[TASK INPUT Boundary: Start]
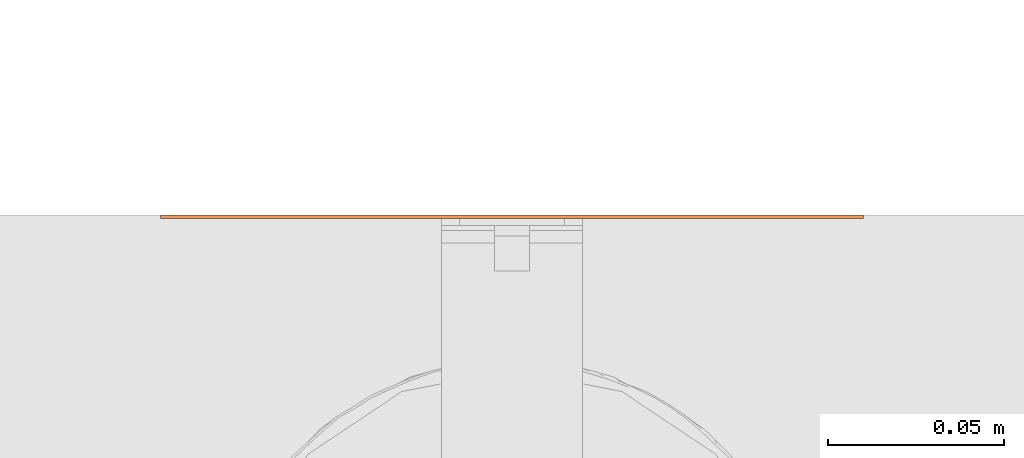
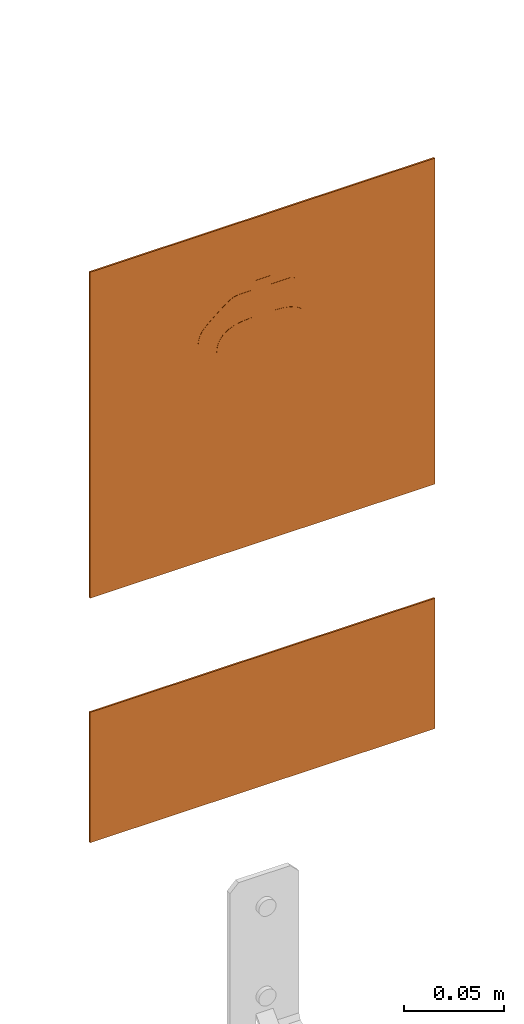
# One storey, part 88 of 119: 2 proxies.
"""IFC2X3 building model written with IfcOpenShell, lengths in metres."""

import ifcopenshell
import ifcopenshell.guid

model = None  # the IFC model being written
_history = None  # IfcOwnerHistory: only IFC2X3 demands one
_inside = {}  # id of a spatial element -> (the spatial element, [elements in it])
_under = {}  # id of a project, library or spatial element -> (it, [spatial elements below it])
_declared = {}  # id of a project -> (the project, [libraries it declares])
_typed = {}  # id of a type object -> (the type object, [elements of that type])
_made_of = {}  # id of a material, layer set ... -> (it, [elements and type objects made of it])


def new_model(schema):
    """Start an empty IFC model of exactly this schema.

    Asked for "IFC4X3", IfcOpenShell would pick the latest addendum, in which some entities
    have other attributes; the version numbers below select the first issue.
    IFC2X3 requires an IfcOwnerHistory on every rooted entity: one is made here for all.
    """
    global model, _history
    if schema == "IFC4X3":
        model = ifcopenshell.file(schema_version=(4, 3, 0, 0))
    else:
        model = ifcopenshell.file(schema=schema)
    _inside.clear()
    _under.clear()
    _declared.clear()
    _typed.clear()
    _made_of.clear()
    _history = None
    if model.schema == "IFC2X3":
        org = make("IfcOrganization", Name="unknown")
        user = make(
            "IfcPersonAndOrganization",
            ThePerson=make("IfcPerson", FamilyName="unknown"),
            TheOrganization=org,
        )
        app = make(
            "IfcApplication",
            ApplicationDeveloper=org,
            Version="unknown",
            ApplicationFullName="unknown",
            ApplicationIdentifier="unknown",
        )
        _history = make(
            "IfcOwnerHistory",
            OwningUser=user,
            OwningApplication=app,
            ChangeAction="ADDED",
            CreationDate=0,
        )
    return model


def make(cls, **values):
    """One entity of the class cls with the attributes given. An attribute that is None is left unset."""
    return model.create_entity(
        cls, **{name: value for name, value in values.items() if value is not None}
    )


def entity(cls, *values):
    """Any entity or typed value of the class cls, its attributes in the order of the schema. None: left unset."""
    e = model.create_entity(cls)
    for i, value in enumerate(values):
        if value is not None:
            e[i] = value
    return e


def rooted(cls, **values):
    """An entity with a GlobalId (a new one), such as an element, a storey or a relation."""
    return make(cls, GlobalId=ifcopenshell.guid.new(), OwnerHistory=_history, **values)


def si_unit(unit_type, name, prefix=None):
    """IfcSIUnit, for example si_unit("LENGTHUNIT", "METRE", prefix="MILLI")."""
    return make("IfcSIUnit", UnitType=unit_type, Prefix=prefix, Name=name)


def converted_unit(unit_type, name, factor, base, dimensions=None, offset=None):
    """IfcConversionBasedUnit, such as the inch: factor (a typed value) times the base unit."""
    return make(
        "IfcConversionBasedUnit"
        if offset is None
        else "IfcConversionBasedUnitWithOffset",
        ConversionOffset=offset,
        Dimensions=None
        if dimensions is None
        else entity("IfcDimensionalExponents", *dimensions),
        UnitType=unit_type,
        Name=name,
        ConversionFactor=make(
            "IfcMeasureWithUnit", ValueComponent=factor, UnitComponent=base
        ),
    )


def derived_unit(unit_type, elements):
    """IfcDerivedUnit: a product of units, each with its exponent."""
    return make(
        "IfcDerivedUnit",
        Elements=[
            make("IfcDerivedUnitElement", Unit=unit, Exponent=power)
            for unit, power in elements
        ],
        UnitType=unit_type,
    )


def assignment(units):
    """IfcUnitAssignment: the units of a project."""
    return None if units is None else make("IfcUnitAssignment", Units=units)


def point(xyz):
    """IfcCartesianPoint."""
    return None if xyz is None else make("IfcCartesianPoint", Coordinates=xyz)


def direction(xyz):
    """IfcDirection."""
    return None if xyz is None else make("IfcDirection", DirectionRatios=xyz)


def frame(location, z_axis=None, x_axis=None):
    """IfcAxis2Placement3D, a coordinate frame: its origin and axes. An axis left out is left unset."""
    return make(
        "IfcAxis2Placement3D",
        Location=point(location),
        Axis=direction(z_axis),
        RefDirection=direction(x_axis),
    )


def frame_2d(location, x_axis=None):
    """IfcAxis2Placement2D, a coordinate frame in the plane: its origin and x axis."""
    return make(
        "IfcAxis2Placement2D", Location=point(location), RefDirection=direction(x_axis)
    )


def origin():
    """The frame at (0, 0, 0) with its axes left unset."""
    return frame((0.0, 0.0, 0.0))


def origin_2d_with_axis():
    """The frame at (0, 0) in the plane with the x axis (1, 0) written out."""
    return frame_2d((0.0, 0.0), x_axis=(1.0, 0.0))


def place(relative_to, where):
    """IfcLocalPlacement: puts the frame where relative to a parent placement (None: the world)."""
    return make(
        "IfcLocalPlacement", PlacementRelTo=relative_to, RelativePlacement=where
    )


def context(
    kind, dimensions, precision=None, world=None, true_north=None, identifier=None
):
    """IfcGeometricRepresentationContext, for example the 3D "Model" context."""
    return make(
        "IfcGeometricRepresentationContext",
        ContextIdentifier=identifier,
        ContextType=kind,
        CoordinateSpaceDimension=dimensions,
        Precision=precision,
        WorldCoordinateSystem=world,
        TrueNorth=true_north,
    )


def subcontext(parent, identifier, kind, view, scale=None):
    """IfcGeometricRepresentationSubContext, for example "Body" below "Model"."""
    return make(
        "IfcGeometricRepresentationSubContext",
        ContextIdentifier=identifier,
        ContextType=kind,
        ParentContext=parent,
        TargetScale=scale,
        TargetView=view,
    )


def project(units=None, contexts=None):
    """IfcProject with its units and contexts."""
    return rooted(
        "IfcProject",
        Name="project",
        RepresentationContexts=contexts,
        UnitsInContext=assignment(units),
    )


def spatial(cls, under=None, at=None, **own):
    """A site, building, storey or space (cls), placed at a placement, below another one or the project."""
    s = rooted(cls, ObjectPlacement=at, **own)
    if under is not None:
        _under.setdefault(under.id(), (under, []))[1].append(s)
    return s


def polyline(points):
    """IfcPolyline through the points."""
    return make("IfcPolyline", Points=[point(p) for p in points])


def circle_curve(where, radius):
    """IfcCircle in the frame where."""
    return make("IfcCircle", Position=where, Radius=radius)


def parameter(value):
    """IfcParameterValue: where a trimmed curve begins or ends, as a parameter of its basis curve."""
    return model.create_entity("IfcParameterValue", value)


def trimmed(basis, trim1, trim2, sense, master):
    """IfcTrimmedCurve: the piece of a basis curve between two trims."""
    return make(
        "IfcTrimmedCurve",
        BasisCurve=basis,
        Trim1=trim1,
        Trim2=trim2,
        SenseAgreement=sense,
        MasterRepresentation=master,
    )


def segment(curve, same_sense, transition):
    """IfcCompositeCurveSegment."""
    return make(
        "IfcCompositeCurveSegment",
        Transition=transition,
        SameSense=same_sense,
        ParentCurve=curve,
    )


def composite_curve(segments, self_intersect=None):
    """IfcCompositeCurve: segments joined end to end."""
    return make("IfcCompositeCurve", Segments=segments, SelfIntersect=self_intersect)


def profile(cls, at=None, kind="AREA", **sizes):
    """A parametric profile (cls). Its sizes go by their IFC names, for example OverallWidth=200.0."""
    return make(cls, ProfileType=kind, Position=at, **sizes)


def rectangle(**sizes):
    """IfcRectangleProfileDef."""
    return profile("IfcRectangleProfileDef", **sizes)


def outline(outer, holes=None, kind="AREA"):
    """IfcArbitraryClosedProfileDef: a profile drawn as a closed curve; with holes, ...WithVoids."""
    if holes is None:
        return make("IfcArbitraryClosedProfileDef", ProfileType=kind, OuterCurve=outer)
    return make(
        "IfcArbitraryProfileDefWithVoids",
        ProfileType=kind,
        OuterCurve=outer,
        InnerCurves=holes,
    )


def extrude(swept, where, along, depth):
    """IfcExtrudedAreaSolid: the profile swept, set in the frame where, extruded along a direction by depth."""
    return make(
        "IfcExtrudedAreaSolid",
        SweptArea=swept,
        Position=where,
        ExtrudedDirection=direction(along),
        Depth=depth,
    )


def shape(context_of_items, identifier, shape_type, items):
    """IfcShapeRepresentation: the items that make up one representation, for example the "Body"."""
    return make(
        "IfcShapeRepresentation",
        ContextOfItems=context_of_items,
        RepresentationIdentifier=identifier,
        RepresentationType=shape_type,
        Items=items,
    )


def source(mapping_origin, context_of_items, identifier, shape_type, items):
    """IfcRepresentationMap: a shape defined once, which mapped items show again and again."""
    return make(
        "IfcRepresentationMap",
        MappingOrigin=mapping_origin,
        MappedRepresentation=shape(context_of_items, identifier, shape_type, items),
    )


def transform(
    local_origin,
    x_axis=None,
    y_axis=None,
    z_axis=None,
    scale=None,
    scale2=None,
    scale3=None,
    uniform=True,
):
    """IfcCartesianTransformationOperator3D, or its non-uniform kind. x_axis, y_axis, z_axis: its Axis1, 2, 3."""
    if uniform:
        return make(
[TASK INPUT Boundary: End]
◆ **EXERCISE BRIEF**
From the data above, copy each line that has the string "written".

◆ **ANSWER TO THE PROBLEM**
"""IFC2X3 building model written with IfcOpenShell, lengths in metres."""
model = None  # the IFC model being written
    """The frame at (0, 0) in the plane with the x axis (1, 0) written out."""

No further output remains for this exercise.